→ **Assignment**
Would you please copy each line below that includes the string "color"?

→ **Saved entries**
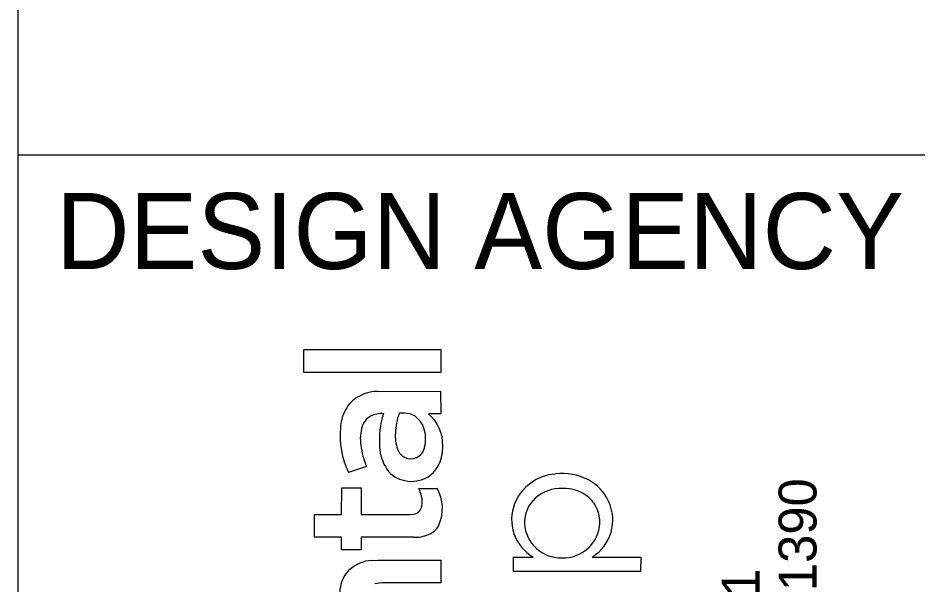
# Model space of a CAD drawing. Extents: x -0.4 to 34, y 0 to 22.
# Drawn here: x 32 to 33.183, y 4.436 to 5.18 of the extents above; entities that cross this region are included whole.
import ezdxf

# ---------------------------------------------------------------- set-up
doc = ezdxf.new("R2010")
doc.units = 0
doc.layers.add('SH_Border', color=7, linetype='Continuous')
doc.layers.add('SH_Data', color=7, linetype='Continuous')

msp = doc.modelspace()

# ---------------------------------------------------------------- linework, layer by layer
at = {"layer": 'SH_Border'}
for p, q in [((32, 0.5), (32, 21.5)), ((32, 5), (33.5, 5))]:
    msp.add_line(p, q, dxfattribs=at)
at = {"layer": 'SH_Data'}
for p, q in [((32.3756, 4.7141), (32.3756, 4.744)), ((32.3756, 4.744), (32.5557, 4.744)), ((32.5557, 4.744), (32.5557, 4.7141)), ((32.5557, 4.7141), (32.3756, 4.7141)), ((32.4727, 4.689), (32.5555, 4.6892)), ((32.5555, 4.6892), (32.5557, 4.6596)), ((32.5557, 4.6596), (32.5397, 4.6596)), ((32.4582, 4.5904), (32.4343, 4.5823)), ((32.4254, 4.527), (32.4255, 4.5621)), ((32.4255, 4.5621), (32.4511, 4.5621)), ((32.4511, 4.5621), (32.4512, 4.527)), ((32.527, 4.5616), (32.5511, 4.5616)), ((32.3896, 4.4972), (32.3896, 4.527)), ((32.3896, 4.527), (32.4254, 4.527)), ((32.4512, 4.527), (32.515, 4.527)), ((32.515, 4.527), (32.52, 4.5275)), ((32.4254, 4.4972), (32.3896, 4.4972)), ((32.4254, 4.4807), (32.4254, 4.4972)), ((32.5197, 4.4972), (32.4511, 4.4972)), ((32.4511, 4.4972), (32.4511, 4.4807)), ((32.4511, 4.4807), (32.4254, 4.4807)), ((32.4644, 4.4669), (32.4729, 4.4673)), ((32.4729, 4.4673), (32.5557, 4.4673)), ((32.5557, 4.4673), (32.5557, 4.4375)), ((32.6515, 4.4521), (32.6515, 4.4711)), ((32.6515, 4.4711), (32.6771, 4.4711)), ((32.7549, 4.4713), (32.8186, 4.4711)), ((32.8186, 4.4711), (32.8184, 4.4521)), ((32.8184, 4.4521), (32.6515, 4.4521)), ((32.5557, 4.4375), (32.4814, 4.4375))]:
    msp.add_line(p, q, dxfattribs=at)
msp.add_lwpolyline([(32.3756, 4.7141), (32.3756, 4.744), (32.5557, 4.744), (32.5557, 4.7141)], close=True, dxfattribs=at)
for points in [[(32.4727, 4.689), (32.5555, 4.6892), (32.5557, 4.6596)], [(32.5557, 4.6596), (32.5397, 4.6596)], [(32.4582, 4.5904), (32.4343, 4.5823)], [(32.5197, 4.4972), (32.4511, 4.4972), (32.4511, 4.4807), (32.4254, 4.4807), (32.4254, 4.4972), (32.3896, 4.4972), (32.3896, 4.527), (32.4254, 4.527), (32.4255, 4.5621), (32.4511, 4.5621), (32.4512, 4.527), (32.515, 4.527), (32.52, 4.5275)], [(32.527, 4.5616), (32.5511, 4.5616)], [(32.4644, 4.4669), (32.4729, 4.4673), (32.5557, 4.4673), (32.5557, 4.4375), (32.4814, 4.4375)], [(32.7549, 4.4713), (32.8186, 4.4711), (32.8184, 4.4521), (32.6515, 4.4521)], [(32.6515, 4.4521), (32.6515, 4.4711), (32.6771, 4.4711)]]:
    msp.add_lwpolyline(points, dxfattribs=at)
for centre, radius, start, end in [((32.4745, 4.6326), 0.0565, 91.8942, 122.6317), ((32.4745, 4.6326), 0.0565, 91.8942, 122.6317), ((32.4685, 4.6447), 0.043, 124.537, 155.6594), ((32.4685, 4.6447), 0.043, 124.537, 155.6594), ((32.4882, 4.6361), 0.0646, 155.9764, 175.3149), ((32.4882, 4.6361), 0.0646, 155.9764, 175.3149), ((32.4753, 4.6356), 0.024, 119.4252, 161.6629), ((32.4753, 4.6356), 0.024, 119.4252, 161.6629), ((32.4779, 4.6278), 0.0321, 85.3802, 116.6222), ((32.4779, 4.6278), 0.0321, 85.3802, 116.6222), ((32.5879, 4.6251), 0.1129, 162.0821, 184.5285), ((32.5879, 4.6251), 0.1129, 162.0821, 184.5285), ((32.5801, 4.6313), 0.0841, 159.8366, 178.0362), ((32.5801, 4.6313), 0.0841, 159.8366, 178.0362), ((32.5051, 4.6074), 0.053, 79.6696, 94.2322), ((32.5051, 4.6074), 0.053, 79.6696, 94.2322), ((32.5089, 4.6364), 0.0238, 56.8913, 76.2149), ((32.5089, 4.6364), 0.0238, 56.8913, 76.2149), ((32.5052, 4.6318), 0.0297, 17.5984, 55.7282), ((32.5052, 4.6318), 0.0297, 17.5984, 55.7282), ((32.5055, 4.6191), 0.0529, 358.0746, 49.762), ((32.5055, 4.6191), 0.0529, 358.0746, 49.762), ((32.5364, 4.6308), 0.113, 174.6101, 205.3899), ((32.5364, 4.6308), 0.113, 174.6101, 205.3899), ((32.5076, 4.6265), 0.0576, 163.1369, 188.1675), ((32.5076, 4.6265), 0.0576, 163.1369, 188.1675), ((32.4916, 4.6264), 0.0443, 345.9408, 18.9919), ((32.4916, 4.6264), 0.0443, 345.9408, 18.9919), ((32.5466, 4.6303), 0.0506, 175.5903, 199.8857), ((32.5466, 4.6303), 0.0506, 175.5903, 199.8857), ((32.5473, 4.6297), 0.0973, 186.7598, 203.7981), ((32.5473, 4.6297), 0.0973, 186.7598, 203.7981), ((32.5328, 4.6187), 0.0575, 182.5676, 213.7144), ((32.5328, 4.6187), 0.0575, 182.5676, 213.7144), ((32.5152, 4.6199), 0.0199, 295.2883, 347.4639), ((32.5152, 4.6199), 0.0199, 295.2883, 347.4639), ((32.5019, 4.6168), 0.0566, 336.016, 0.5951), ((32.5019, 4.6168), 0.0566, 336.016, 0.5951), ((32.5164, 4.6189), 0.0184, 198.2844, 293.3081), ((32.5164, 4.6189), 0.0184, 198.2844, 293.3081), ((32.5175, 4.6097), 0.0394, 303.4436, 336.18), ((32.5175, 4.6097), 0.0394, 303.4436, 336.18), ((32.5149, 4.6078), 0.0366, 215.0668, 259.8133), ((32.5149, 4.6078), 0.0366, 215.0668, 259.8133), ((32.7108, 4.5182), 0.0624, 93.9866, 158.3119), ((32.7108, 4.5182), 0.0624, 93.9866, 158.3119), ((32.7156, 4.5065), 0.0746, 62.6889, 97.0135), ((32.7156, 4.5065), 0.0746, 62.6889, 97.0135), ((32.5175, 4.6131), 0.0423, 257.5256, 300.882), ((32.5175, 4.6131), 0.0423, 257.5256, 300.882), ((32.7212, 4.5191), 0.0608, 25.0657, 61.9602), ((32.7212, 4.5191), 0.0608, 25.0657, 61.9602), ((32.4863, 4.542), 0.0452, 10.1545, 25.723), ((32.4863, 4.542), 0.0452, 10.1545, 25.723), ((32.503, 4.5351), 0.0549, 336.589, 28.8991), ((32.503, 4.5351), 0.0549, 336.589, 28.8991), ((32.7138, 4.5102), 0.0513, 87.8965, 131.1812), ((32.7138, 4.5102), 0.0513, 87.8965, 131.1812), ((32.7175, 4.5102), 0.0513, 49.9089, 92.0363), ((32.7175, 4.5102), 0.0513, 49.9089, 92.0363), ((32.4957, 4.5436), 0.0356, 351.914, 10.2059), ((32.4957, 4.5436), 0.0356, 351.914, 10.2059), ((32.7092, 4.5167), 0.0434, 132.3289, 182.0949), ((32.7092, 4.5167), 0.0434, 132.3289, 182.0949), ((32.7215, 4.5173), 0.0433, 358.0487, 47.9447), ((32.7215, 4.5173), 0.0433, 358.0487, 47.9447), ((32.7245, 4.52), 0.0574, 301.9776, 25.6418), ((32.7245, 4.52), 0.0574, 301.9776, 25.6418), ((32.5184, 4.54), 0.0126, 277.6142, 353.7918), ((32.5184, 4.54), 0.0126, 277.6142, 353.7918), ((32.707, 4.5202), 0.0581, 158.656, 198.171), ((32.707, 4.5202), 0.0581, 158.656, 198.171), ((32.5291, 4.5261), 0.0275, 292.6889, 332.0598), ((32.5291, 4.5261), 0.0275, 292.6889, 332.0598), ((32.7135, 4.5181), 0.0478, 183.5974, 271.7045), ((32.7135, 4.5181), 0.0478, 183.5974, 271.7045), ((32.7172, 4.518), 0.0477, 267.3149, 357.4019), ((32.7172, 4.518), 0.0477, 267.3149, 357.4019), ((32.5209, 4.5486), 0.0514, 268.6727, 291.5235), ((32.5209, 4.5486), 0.0514, 268.6727, 291.5235), ((32.7103, 4.5243), 0.0627, 200.8399, 238.0162), ((32.7103, 4.5243), 0.0627, 200.8399, 238.0162), ((32.4687, 4.4172), 0.0499, 94.9706, 130.2248), ((32.4687, 4.4172), 0.0499, 94.9706, 130.2248), ((32.4635, 4.4255), 0.0402, 132.2238, 161.6823), ((32.4635, 4.4255), 0.0402, 132.2238, 161.6823), ((32.4787, 4.4211), 0.056, 162.274, 187.7917), ((32.4787, 4.4211), 0.056, 162.274, 187.7917), ((32.4811, 4.3915), 0.046, 89.6051, 105.3303), ((32.4811, 4.3915), 0.046, 89.6051, 105.3303)]:
    msp.add_arc(centre, radius, start, end, dxfattribs=at)

# ---------------------------------------------------------------- texts
msp.add_text('DESIGN AGENCY', height=0.1, dxfattribs=at).set_placement((32.05, 4.85))
for s, p in [('800.835.1390', (33.0497, 4.1671)), ('450 GRANT ST., AKRON, OH  44311', (32.9749, 3.3374))]:
    msp.add_text(s, height=0.049846, rotation=90, dxfattribs=at).set_placement(p)

doc.saveas('drawing.dxf')

→ **Result of the task**
doc.layers.add('SH_Border', color=7, linetype='Continuous')
doc.layers.add('SH_Data', color=7, linetype='Continuous')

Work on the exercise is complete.